Les Etats du CCG ne vont pas en ordre dispersé à Camp David, mais ils y vont avec l’intention de ne montrer, aux Américains, que ce qui les unit: la crainte, qu’en l’absence de garanties sécuritaires américaines et internationales fermes et solides, la normalisation des relations entre Washington et Téhéran, et la réinsertion de l’Iran dans la communauté internationale, ne se fassent aux dépends des intérêts stratégiques arabes. Les six Etats membres du Conseil sont obsédés par ce risque de voir le monde arabo-musulman et le Moyen-Orient dominés par une République islamique d’Iran qui tirerait sa force et sa légitimité de son nouveau partenariat avec Washington. D’où l’exigence, voulue par tous, mais chacun à sa manière, de nouvelles garanties sécuritaires. Pour le reste, tout redevient négociable, y compris les politiques régionales (Yémen, Syrie, Irak, etc.), la sécurité, l’armement, la guerre contre le terrorisme, le pétrole etc.
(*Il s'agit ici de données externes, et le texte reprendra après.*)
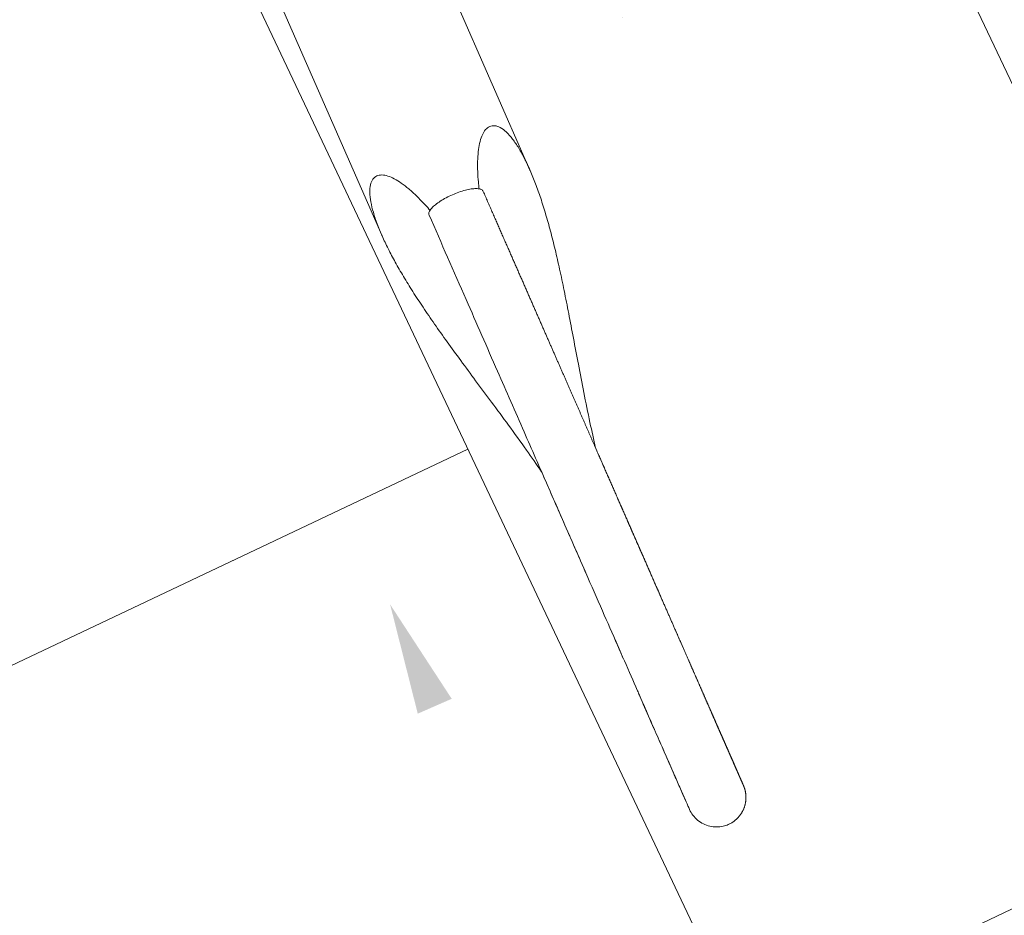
# Model space of a CAD drawing. Header units: metres. Extents: x 134157 to 138734, y 451157 to 455772.
# Tile 518 of 656: x 136621.155 to 136621.522, y 453800.404 to 453800.738. Entities that reach past the tile are written whole.
import ezdxf

# ---------------------------------------------------------------- set-up
doc = ezdxf.new("R2010")
doc.units = ezdxf.units.M
doc.layers.add('-DR-alg-hulplijnen', color=210, linetype='Continuous', plot=False)
doc.layers.add('-DR-nw-gr-arc-gras', color=7, linetype='Continuous', true_color=0xb5d5a4)
for name, color, linetype in [('-DR-nw-inr-fietsparkeren Tulip enkele beugel', 2, 'Continuous'), ('-DR-nw-maatvoering', 3, 'Continuous'), ('VELOPA-FIG25', 1, 'Continuous')]:
    doc.layers.add(name, color=color, linetype=linetype)
doc.layers.add('-DR-nw-vh-arc-sbs df bruinrood Broeder Alarmstraat', color=7, linetype='Continuous', lineweight=9, true_color=0xd8beb6)
doc.styles.add('2-5TXT', font='arial.ttf')
doc.styles.add('Drong', font='txt', dxfattribs={"height": 1.8})
doc.dimstyles.new('Drong', dxfattribs={"dimtxt": 1.8, "dimasz": 2.5, "dimexe": 0, "dimexo": 0, "dimgap": 0.9, "dimtad": 1, "dimzin": 0, "dimdsep": 46, "dimtxsty": 'Drong', "dimblk": 'dimblk-wit', "dimcen": 0, "dimse1": 1, "dimse2": 1, "dimclrd": 256, "dimclre": 1, "dimclrt": 7, "dimadec": 0, "dimazin": 0, "dimtfac": 1, "dimtmove": 0, "dimatfit": 3, "dimfxl": 1, "dimtolj": 1, "dimtzin": 0, "dimarcsym": 0})
doc.dimstyles.new('VELOPA-drukwerk', dxfattribs={"dimscale": 0, "dimtxt": 2.5, "dimasz": 2, "dimexe": 1, "dimexo": 1, "dimgap": 1, "dimtad": 1, "dimdec": 0, "dimdsep": 46, "dimtxsty": '2-5TXT', "dimcen": 8, "dimadec": 1, "dimazin": 0, "dimtfac": 1, "dimtdec": 0, "dimtmove": 0, "dimatfit": 3, "dimfxl": 1, "dimtolj": 1, "dimtzin": 0, "dimarcsym": 0})
pattern_1 = [(115.3356253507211, (136419.7180158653, 453326.2367068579), (-0.2236810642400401, -0.1059037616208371), [0.06, -0.187485]), (205.3356253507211, (136419.7180158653, 453326.2367068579), (0.1059037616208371, -0.22368106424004), [0.06, -0.187485])]

# ---------------------------------------------------------------- blocks, each defined once
blk = doc.blocks.new('*D482')
at = {"layer": '-DR-alg-hulplijnen', "color": 0, "lineweight": -2, "ltscale": 4, "transparency": 16777216}
for p, q in [((-1.268533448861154e-15, -770.7167233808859), (-1.92714493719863e-14, -1064.726652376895)), ((3625, -770.7167233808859), (3625, -1064.726652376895)), ((41.43344676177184, -1044.009928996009), (3583.566553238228, -1044.009928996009))]:
    blk.add_line(p, q, dxfattribs=at)
at = {"layer": '-DR-alg-hulplijnen', "color": 0, "ltscale": 4, "transparency": 16777216}
for points in [[(41.43344676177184, -1037.104354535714), (41.43344676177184, -1050.915503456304), (-1.800291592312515e-14, -1044.009928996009)], [(3583.566553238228, -1037.104354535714), (3583.566553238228, -1050.915503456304), (3625, -1044.009928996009)]]:
    blk.add_solid(points, dxfattribs=at)
at = {"layer": 'Defpoints', "color": 0, "ltscale": 4, "transparency": 16777216}
for p in [(0, -750), (3625, -750), (3625, -1044.009928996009)]:
    blk.add_point(p, dxfattribs=at)
at = {"layer": '-DR-alg-hulplijnen', "color": 0, "ltscale": 4, "transparency": 16777216, "insert": (1812.5, -996.8320429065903), "char_height": 51.79180845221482, "attachment_point": 5, "style": '2-5TXT'}
blk.add_mtext('\\A1;3625', dxfattribs=at)
blk = doc.blocks.new('*D481')
at = {"layer": '-DR-alg-hulplijnen', "color": 0, "lineweight": -2, "ltscale": 4, "transparency": 16777216}
for p, q in [((3645.716723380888, 3.331503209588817e-15), (4009.119275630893, 6.177109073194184e-14)), ((3988.402552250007, -41.4334467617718), (3988.402552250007, -708.5665532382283)), ((3645.716723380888, -750.0000000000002), (4009.119275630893, -750.0000000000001))]:
    blk.add_line(p, q, dxfattribs=at)
at = {"layer": '-DR-alg-hulplijnen', "color": 0, "ltscale": 4, "transparency": 16777216}
for points in [[(3981.496977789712, -41.43344676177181), (3995.308126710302, -41.4334467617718), (3988.402552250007, 5.843958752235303e-14)], [(3981.496977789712, -708.5665532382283), (3995.308126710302, -708.5665532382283), (3988.402552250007, -750.0000000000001)]]:
    blk.add_solid(points, dxfattribs=at)
at = {"layer": 'Defpoints', "color": 0, "ltscale": 4, "transparency": 16777216}
for p in [(3625.000000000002, 0), (3625.000000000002, -750.0000000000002), (3988.402552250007, -750.0000000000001)]:
    blk.add_point(p, dxfattribs=at)
at = {"layer": '-DR-alg-hulplijnen', "color": 0, "ltscale": 4, "transparency": 16777216, "insert": (3941.242330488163, -375.0000000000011), "char_height": 51.79180845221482, "attachment_point": 5, "rotation": 90, "style": '2-5TXT'}
blk.add_mtext('\\A1;750', dxfattribs=at)
blk = doc.blocks.new('dimblk-wit')
at = {"color": 7}
blk.add_line((2.842170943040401e-14, -0.3333333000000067), (-2.842170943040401e-14, 0.3333333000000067), dxfattribs=at)
blk.add_solid([(0, 0), (-0.7999999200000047, 0.1999999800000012), (-0.7999999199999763, -0.1999999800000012)], dxfattribs=at)
blk = doc.blocks.new('*D634')
at = {"layer": '-DR-nw-maatvoering', "lineweight": -2, "transparency": 16777216}
blk.add_line((136616.4696596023, 453791.6460135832), (136622.2968280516, 453806.2631956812), dxfattribs=at)
at = {"layer": 'Defpoints', "color": 0, "transparency": 16777216}
for p in [(136622.4819835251, 453806.7276496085), (136622.889603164, 453806.5651512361), (136616.6921237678, 453791.0190612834)]:
    blk.add_point(p, dxfattribs=at)
at = {"layer": '-DR-nw-maatvoering', "lineweight": -2, "transparency": 16777216, "xscale": 0.5, "yscale": 0.5, "zscale": 0.5}
for p, rotation in [((136622.481983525, 453806.7276496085), 68.26520454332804), ((136616.2845041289, 453791.1815596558), 248.2652045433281)]:
    blk.add_blockref('dimblk-wit', p, dxfattribs=dict(at, rotation=rotation))
at = {"layer": '-DR-nw-maatvoering', "color": 7, "transparency": 16777216, "insert": (136619.0454071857, 453799.089283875), "char_height": 0.36, "attachment_point": 5, "rotation": 68.26520454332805, "style": 'Drong'}
blk.add_mtext('\\A1;16.75', dxfattribs=at)
blk = doc.blocks.new('Fietsenrek Tulip enkel')
at = {"layer": 'VELOPA-FIG25', "color": 252, "linetype": 'Continuous', "lineweight": 9}
for p, q in [((298.658684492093, -344.8499999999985), (630.2552322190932, -344.8499999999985)), ((309.4598630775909, -405.1499999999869), (630.2507963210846, -405.1499999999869))]:
    blk.add_line(p, q, dxfattribs=at)
for points, start_tangent, end_tangent in [([(623.1085956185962, -362.975236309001), (622.2150253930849, -362.6181009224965), (618.5377257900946, -360.9725926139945), (615.4324675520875, -359.2727979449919), (612.9078133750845, -357.5213157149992), (610.996451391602, -355.7188084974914), (609.7693030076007, -353.8682929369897), (609.3515709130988, -351.9886879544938), (609.8926333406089, -350.1718612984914), (611.419115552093, -348.5539733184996), (613.8862791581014, -347.1894561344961), (617.2304940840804, -346.1165101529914), (621.2275092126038, -345.3817202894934), (625.6913015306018, -344.9707063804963), (630.2434380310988, -344.8499869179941)], (-0.9310904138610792, 0.3647884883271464), (0.9999999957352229, -9.235558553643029e-05)), ([(630.2434380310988, -344.8499869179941), (630.5682460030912, -344.8505678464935), (635.8394298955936, -345.0005259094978), (641.5077718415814, -345.4091434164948), (647.5858134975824, -346.0710287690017), (654.0919371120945, -346.9837572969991), (661.0486862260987, -348.1453052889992), (668.4823239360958, -349.5517247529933), (676.4228659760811, -351.1947983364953), (684.9047558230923, -353.0596304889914), (693.9686945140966, -355.1223479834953), (703.6661116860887, -357.3484173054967), (714.065781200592, -359.6916043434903), (725.2560965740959, -362.0921755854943), (734.9299721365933, -364.0195937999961)], (0.9999999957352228, -9.235558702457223e-05), (0.9822508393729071, -0.1875720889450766)), ([(629.0812565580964, -365.0520946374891), (626.4720561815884, -364.203896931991), (623.1085956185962, -362.975236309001)], (-0.9552161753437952, 0.2959088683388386), (-0.9310904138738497, 0.3647884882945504)), ([(630.4995653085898, -364.0113614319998), (630.0894004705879, -364.0777108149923), (629.2739631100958, -364.7146653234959), (628.527582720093, -365.9657673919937), (627.912531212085, -367.7049275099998), (627.4392903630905, -369.8863189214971), (627.1412687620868, -372.3970982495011), (627.0431135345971, -375)], (-0.9999999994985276, 3.166930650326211e-05), (0, -1)), ([(872.2429914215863, -364.0004512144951), (871.4931166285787, -364.0000542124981), (869.4321402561, -364.0000253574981), (865.9668989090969, -363.9997935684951), (861.1663724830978, -363.9999842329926), (855.1057197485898, -363.9999909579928), (847.8372212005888, -363.9998791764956), (839.2823724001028, -364.0001512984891), (829.3728744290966, -364.0001620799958), (818.0721323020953, -363.9998144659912), (805.4171970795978, -364.0001844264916), (791.4152382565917, -363.998548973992), (776.0161688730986, -364.0001285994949), (759.0278948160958, -364.0000092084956), (740.0685224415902, -364.0000362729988), (718.6458642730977, -363.999994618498), (693.9956133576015, -363.9999833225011), (664.8701945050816, -364.0000025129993), (630.4995657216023, -364.000002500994)], (-0.9999996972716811, 0.0007781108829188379), (-0.9999999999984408, 1.765950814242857e-06)), ([(776.9873472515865, -364.0000712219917), (765.312209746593, -363.9999653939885), (743.8571046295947, -363.9999999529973), (734.9336313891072, -364.0000654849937)], (-0.9999999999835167, 5.741668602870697e-06), (-0.9999999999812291, -6.12716366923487e-06)), ([(810.7829483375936, -364.0000404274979), (803.1118054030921, -363.9999004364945)], (-0.9999999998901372, 1.482314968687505e-05), (-0.9999999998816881, 1.538258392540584e-05)), ([(850.0260308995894, -363.9998981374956), (845.338346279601, -363.9997527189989), (836.2556908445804, -363.9999374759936), (825.7705308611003, -363.9999853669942), (824.0263019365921, -363.9999962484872)], (-0.9999999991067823, 4.226624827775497e-05), (-0.9999999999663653, -8.20179703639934e-06)), ([(856.730545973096, -364.0000669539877), (853.1773717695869, -364.0000204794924), (850.0260308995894, -363.9998981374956)], (-0.9999999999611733, -8.812121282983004e-06), (-0.9999999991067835, 4.226621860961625e-05)), ([(871.4694475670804, -364.000045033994), (871.4139717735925, -364.000025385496), (869.0702892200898, -363.9998221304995), (865.1537784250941, -363.9996671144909), (859.7983261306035, -363.9999621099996), (856.730545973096, -364.0000669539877)], (-0.9999999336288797, 0.000364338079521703), (-0.9999999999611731, -8.812155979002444e-06)), ([(872.2429914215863, -364.0004512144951), (871.4694475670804, -364.000045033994)], (-0.9999997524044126, 0.0007036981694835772), (-0.9999999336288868, 0.0003643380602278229)), ([(883.1628713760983, -375.0000000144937), (882.9785095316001, -372.9941615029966), (882.2363011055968, -370.5810662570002), (880.9634476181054, -368.4007516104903), (879.2270010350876, -366.5680747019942), (877.1184349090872, -365.1795784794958), (874.748826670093, -364.3084069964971), (872.2429914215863, -364.0004512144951)], (-0.000207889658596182, 0.9999999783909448), (-0.999973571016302, 0.007270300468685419)), ([(627.0431135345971, -375), (627.1413231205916, -377.6036120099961), (627.4393626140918, -380.1141189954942), (627.9124566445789, -382.2948046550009), (628.5276296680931, -384.0343363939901), (629.274075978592, -385.2854708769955), (630.0892778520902, -385.9222425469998), (630.4995554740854, -385.9886385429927)], (0, -1), (0.9999999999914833, 4.127184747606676e-06)), ([(871.9053827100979, -386.0000242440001), (872.0186496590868, -386.0001062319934), (872.1314808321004, -386.0000680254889), (872.2394728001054, -385.9995943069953), (872.352623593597, -385.9982075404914), (872.469788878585, -385.9955620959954), (872.6096794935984, -385.9907679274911), (872.7593012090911, -385.9836665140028), (872.9182448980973, -385.9738833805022), (873.0846190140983, -385.9611649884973), (873.2559320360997, -385.945411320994), (873.4296574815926, -385.9266701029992), (873.6048133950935, -385.9049405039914), (873.782468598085, -385.8799764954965), (873.9632663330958, -385.8515263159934), (874.1478368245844, -385.819289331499), (874.3367942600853, -385.7829140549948), (874.5307265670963, -385.7419973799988), (874.7297973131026, -385.6961773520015), (874.9335433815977, -385.6452229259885), (875.1414431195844, -385.5889368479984), (875.3529690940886, -385.5271473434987), (875.5675922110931, -385.4597091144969), (875.7848862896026, -385.3864687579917), (876.0045559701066, -385.3072437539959), (876.2263066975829, -385.2218588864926), (876.4498359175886, -385.130149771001), (876.6748334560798, -385.0319635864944), (876.9009819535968, -384.9271597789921), (877.1279573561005, -384.8156107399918), (877.3554294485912, -384.6972024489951), (877.5830624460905, -384.5718350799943), (877.8105427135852, -384.4394073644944), (878.0379350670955, -384.2995879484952), (878.2655584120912, -384.1518319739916), (878.4936867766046, -383.9955380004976), (878.7225365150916, -383.8300528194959), (878.9522602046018, -383.6546723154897), (879.1829399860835, -383.4686425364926), (879.4145805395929, -383.2711608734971), (879.6472223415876, -383.0612653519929), (879.881109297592, -382.8376294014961), (880.1163775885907, -382.5987824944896), (880.352761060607, -382.3434045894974), (880.5886089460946, -382.071559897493), (880.8218664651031, -381.783947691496), (881.0505732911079, -381.4814369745), (881.2728853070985, -381.1650663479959), (881.4870965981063, -380.836038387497), (881.6919304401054, -380.4952408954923), (881.8867776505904, -380.1426063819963), (882.0710548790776, -379.7779454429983), (882.244111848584, -379.4010859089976), (882.4052289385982, -379.0118793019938), (882.553615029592, -378.6102078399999), (882.6884056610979, -378.1959920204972), (882.8086615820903, -377.76919881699), (882.91336776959, -377.3298505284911), (883.0014330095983, -376.8780342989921), (883.071690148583, -376.413912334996), (883.1228971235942, -375.9377328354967), (883.1537389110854, -375.4498416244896), (883.1629410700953, -375)], (0.9999997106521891, -0.0007607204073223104), (-3.90510129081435e-07, 0.9999999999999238)), ([(629.0812124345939, -384.9479210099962), (626.5235794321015, -385.7785405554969), (623.1077570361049, -387.0250978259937)], (-0.9552154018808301, -0.295911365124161), (-0.9310869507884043, -0.3647973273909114)), ([(623.1077570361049, -387.0250978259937), (622.282172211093, -387.3545593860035), (618.6141333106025, -388.9897904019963), (615.511803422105, -390.6787742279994), (612.9832051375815, -392.4188048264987), (611.0595254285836, -394.2091158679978), (609.8089641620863, -396.0461268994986), (609.3506863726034, -397.9149309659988), (609.8308567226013, -399.7218948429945), (611.2801363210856, -401.339836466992), (613.7006237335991, -402.7312795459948), (617.0481344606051, -403.8383705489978), (621.0658384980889, -404.5964227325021), (625.5584077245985, -405.0217434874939), (630.2425906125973, -405.1500083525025)], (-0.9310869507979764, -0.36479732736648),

Finalement, les dirigeants arabes du Golfe doivent accepter, encore une fois, les compromis, les demi-mesures, et les garanties verbales. Ils doivent aussi accepter de signer de gros chèques pour relancer et accélérer des programmes de défense encore plus urgents dans le contexte iranien actuel (défense antimissile, avions de combat du futur, moyens d’intégration, etc.). Ils reviendront chez eux aussi inquiets qu’à leur arrivée à Washington, et tout aussi désireux de ne pas perdre leurs liens stratégiques avec les Etats-Unis tout en étant plus convaincus que jamais de la nécessité de rechercher d’autres protections et d’autres garanties auprès de partenaires plus engagés.